What message are you trying to put across?
The grass always looks greener elsewhere. All our lives, we dream of an elsewhere, another world richer than that in which we live. We want more, better, something else, in an eternal quest for the “Garden of Eden”. My novel examines the root of this elusive quest.
How did you come up with the title?
I was once told a story of a tall man who was crossing an empty road. As he reached the middle of the street, a car approached him at a high speed and was about to knock him down. In the heat of the moment, he spread his long legs and the car passed in between his legs. He looked up to the skies above, and thanked the heavens saying, “If I was short, I would have surely died.” Further up the same road, a really short man decided to cross the same street. As he reached the middle of the street, the same car approached him at a high speed and was about to run him over. In the heat of the moment, he ducked down and let the car pass over him, thanks to his small stature.

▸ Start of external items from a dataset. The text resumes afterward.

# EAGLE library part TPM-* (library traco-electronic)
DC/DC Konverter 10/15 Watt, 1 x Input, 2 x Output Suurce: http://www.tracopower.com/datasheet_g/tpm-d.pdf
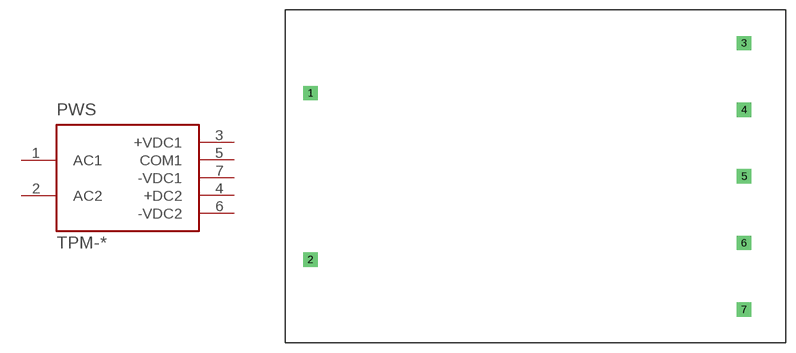
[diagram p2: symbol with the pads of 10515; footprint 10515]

Designator prefix PWS

## TPM-05212 (OC_FARNELL: unknown; OC_NEWARK: unknown), TPM-05215 (OC_FARNELL: unknown; OC_NEWARK: unknown)  [10515]
1  AC1  in
2  AC2  in
3  +VDC1  pas
4  +DC2  pas
5  COM1  pas
6  -VDC2  pas
7  -VDC1  pas

## Footprint 10515 (pad centres in mm)
drill 1.27 pad 2.184 square: 1 3.81,38.1; 2 3.81,12.7; 3 69.85,45.72; 4 69.85,35.56; 5 69.85,25.4; 6 69.85,15.24; 7 69.85,5.08

He looked up to the skies above, and thanked the heavens saying, “If I was taller, I would have surely died.”
I have never forgotten this story even though I must have been eleven years old when I first heard it.
Are experiences based on someone you know, or events in your own life?
The moral perceptions and experiences I share in this book are delivered to the readers as a story. The protagonist, Nickolas Jordan is a fictional character – a product of my imagination. His life and the people he encounters in his different journeys are however based on some actual events – a mixture of all the numerous people I have had the privilege of meeting in my life so far.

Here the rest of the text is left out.